■ **TASK**: Everything from the line containing "1; stored, may" to the end of the material, both ends included, should be repeated exactly; please give only those lines.
▬▬▬▬▬▬▬▬▬▬
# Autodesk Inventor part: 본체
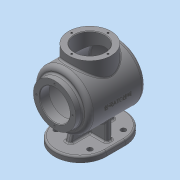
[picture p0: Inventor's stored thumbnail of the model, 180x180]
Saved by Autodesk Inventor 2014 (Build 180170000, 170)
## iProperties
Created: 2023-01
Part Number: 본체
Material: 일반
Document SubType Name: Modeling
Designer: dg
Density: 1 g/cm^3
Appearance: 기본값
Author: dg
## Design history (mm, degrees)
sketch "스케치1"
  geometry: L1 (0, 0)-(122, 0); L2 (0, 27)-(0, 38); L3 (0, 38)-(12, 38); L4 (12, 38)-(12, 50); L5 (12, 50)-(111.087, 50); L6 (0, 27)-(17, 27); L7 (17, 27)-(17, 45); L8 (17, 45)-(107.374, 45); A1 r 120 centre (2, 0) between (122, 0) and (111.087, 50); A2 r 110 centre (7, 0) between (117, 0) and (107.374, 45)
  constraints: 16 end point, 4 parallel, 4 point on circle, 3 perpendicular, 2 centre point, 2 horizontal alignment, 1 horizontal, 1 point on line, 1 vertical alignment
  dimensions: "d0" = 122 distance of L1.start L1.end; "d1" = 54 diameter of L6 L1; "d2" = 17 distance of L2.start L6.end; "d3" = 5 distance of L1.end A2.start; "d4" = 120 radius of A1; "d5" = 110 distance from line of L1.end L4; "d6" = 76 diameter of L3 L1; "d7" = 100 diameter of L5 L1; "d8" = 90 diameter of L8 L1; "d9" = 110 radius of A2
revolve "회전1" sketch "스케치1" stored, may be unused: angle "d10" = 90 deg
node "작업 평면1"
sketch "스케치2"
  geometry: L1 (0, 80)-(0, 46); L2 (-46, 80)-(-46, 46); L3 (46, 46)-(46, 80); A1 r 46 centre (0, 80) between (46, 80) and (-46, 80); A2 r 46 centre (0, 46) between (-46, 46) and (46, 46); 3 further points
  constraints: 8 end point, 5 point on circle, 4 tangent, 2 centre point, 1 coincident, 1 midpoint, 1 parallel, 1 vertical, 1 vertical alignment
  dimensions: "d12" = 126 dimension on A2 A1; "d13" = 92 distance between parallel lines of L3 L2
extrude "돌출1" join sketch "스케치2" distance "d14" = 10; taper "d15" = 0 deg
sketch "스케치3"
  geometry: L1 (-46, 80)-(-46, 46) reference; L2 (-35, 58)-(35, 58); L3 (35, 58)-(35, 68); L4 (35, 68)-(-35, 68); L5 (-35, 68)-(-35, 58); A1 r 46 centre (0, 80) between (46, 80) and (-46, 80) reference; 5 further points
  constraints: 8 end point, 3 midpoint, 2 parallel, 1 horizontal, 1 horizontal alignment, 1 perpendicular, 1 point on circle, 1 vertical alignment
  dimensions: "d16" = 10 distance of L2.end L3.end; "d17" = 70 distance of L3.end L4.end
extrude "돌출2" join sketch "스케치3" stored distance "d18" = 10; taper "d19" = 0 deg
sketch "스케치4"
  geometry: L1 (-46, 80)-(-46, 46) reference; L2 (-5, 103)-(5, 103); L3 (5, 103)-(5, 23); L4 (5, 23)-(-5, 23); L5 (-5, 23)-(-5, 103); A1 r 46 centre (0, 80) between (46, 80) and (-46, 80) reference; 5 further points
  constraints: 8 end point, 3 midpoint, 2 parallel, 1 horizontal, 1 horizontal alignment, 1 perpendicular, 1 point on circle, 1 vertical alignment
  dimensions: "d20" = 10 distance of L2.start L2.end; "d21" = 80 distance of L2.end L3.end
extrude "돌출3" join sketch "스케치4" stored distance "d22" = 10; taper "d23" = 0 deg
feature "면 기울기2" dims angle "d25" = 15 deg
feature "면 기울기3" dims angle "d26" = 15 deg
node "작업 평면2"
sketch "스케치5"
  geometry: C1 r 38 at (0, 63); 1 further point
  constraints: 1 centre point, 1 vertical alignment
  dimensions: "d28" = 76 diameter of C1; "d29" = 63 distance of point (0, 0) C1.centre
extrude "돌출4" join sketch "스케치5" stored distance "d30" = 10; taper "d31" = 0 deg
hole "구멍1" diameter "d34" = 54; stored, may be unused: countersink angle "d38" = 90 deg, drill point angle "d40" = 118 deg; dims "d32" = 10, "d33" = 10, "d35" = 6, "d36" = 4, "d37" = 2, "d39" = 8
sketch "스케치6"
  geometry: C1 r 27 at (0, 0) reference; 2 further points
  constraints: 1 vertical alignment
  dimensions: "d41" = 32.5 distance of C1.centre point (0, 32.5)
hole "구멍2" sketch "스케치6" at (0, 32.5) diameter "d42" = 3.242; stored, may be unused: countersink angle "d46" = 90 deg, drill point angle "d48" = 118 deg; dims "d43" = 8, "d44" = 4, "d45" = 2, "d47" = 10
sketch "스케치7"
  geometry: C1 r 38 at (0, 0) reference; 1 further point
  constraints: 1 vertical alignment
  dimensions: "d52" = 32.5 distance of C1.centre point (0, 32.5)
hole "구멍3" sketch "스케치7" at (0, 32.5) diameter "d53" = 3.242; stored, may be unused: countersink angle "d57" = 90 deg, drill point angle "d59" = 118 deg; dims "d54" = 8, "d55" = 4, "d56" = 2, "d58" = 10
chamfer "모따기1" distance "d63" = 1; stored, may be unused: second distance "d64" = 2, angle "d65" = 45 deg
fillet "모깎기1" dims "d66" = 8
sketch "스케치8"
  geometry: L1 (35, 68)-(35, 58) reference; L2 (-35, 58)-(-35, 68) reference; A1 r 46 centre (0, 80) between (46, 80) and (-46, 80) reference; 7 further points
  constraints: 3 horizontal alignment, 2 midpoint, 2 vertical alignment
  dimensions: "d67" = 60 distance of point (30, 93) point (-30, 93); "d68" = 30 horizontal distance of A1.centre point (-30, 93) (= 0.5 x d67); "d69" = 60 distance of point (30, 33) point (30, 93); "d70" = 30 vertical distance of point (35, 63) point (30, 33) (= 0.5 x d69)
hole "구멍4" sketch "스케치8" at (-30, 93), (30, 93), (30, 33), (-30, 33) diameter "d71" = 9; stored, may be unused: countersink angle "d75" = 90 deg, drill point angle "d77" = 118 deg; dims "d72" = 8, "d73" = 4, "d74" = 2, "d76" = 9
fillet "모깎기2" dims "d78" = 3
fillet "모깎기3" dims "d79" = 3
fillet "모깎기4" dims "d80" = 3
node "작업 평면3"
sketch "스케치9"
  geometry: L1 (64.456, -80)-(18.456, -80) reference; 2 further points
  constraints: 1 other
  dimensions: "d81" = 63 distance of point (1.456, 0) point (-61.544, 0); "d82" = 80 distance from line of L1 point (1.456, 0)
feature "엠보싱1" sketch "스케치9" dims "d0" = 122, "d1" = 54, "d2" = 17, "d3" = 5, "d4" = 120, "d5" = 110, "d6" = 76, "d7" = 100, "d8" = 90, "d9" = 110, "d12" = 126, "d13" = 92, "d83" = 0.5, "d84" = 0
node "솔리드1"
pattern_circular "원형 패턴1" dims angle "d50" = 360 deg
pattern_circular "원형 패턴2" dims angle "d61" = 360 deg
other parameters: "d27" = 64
▬▬▬▬▬▬▬▬▬▬
■ **SOLUTION BELOW**:
chamfer "모따기1" distance "d63" = 1; stored, may be unused: second distance "d64" = 2, angle "d65" = 45 deg
fillet "모깎기1" dims "d66" = 8
sketch "스케치8"
  geometry: L1 (35, 68)-(35, 58) reference; L2 (-35, 58)-(-35, 68) reference; A1 r 46 centre (0, 80) between (46, 80) and (-46, 80) reference; 7 further points
  constraints: 3 horizontal alignment, 2 midpoint, 2 vertical alignment
  dimensions: "d67" = 60 distance of point (30, 93) point (-30, 93); "d68" = 30 horizontal distance of A1.centre point (-30, 93) (= 0.5 x d67); "d69" = 60 distance of point (30, 33) point (30, 93); "d70" = 30 vertical distance of point (35, 63) point (30, 33) (= 0.5 x d69)
hole "구멍4" sketch "스케치8" at (-30, 93), (30, 93), (30, 33), (-30, 33) diameter "d71" = 9; stored, may be unused: countersink angle "d75" = 90 deg, drill point angle "d77" = 118 deg; dims "d72" = 8, "d73" = 4, "d74" = 2, "d76" = 9
fillet "모깎기2" dims "d78" = 3
fillet "모깎기3" dims "d79" = 3
fillet "모깎기4" dims "d80" = 3
node "작업 평면3"
sketch "스케치9"
  geometry: L1 (64.456, -80)-(18.456, -80) reference; 2 further points
  constraints: 1 other
  dimensions: "d81" = 63 distance of point (1.456, 0) point (-61.544, 0); "d82" = 80 distance from line of L1 point (1.456, 0)
feature "엠보싱1" sketch "스케치9" dims "d0" = 122, "d1" = 54, "d2" = 17, "d3" = 5, "d4" = 120, "d5" = 110, "d6" = 76, "d7" = 100, "d8" = 90, "d9" = 110, "d12" = 126, "d13" = 92, "d83" = 0.5, "d84" = 0
node "솔리드1"
pattern_circular "원형 패턴1" dims angle "d50" = 360 deg
pattern_circular "원형 패턴2" dims angle "d61" = 360 deg
other parameters: "d27" = 64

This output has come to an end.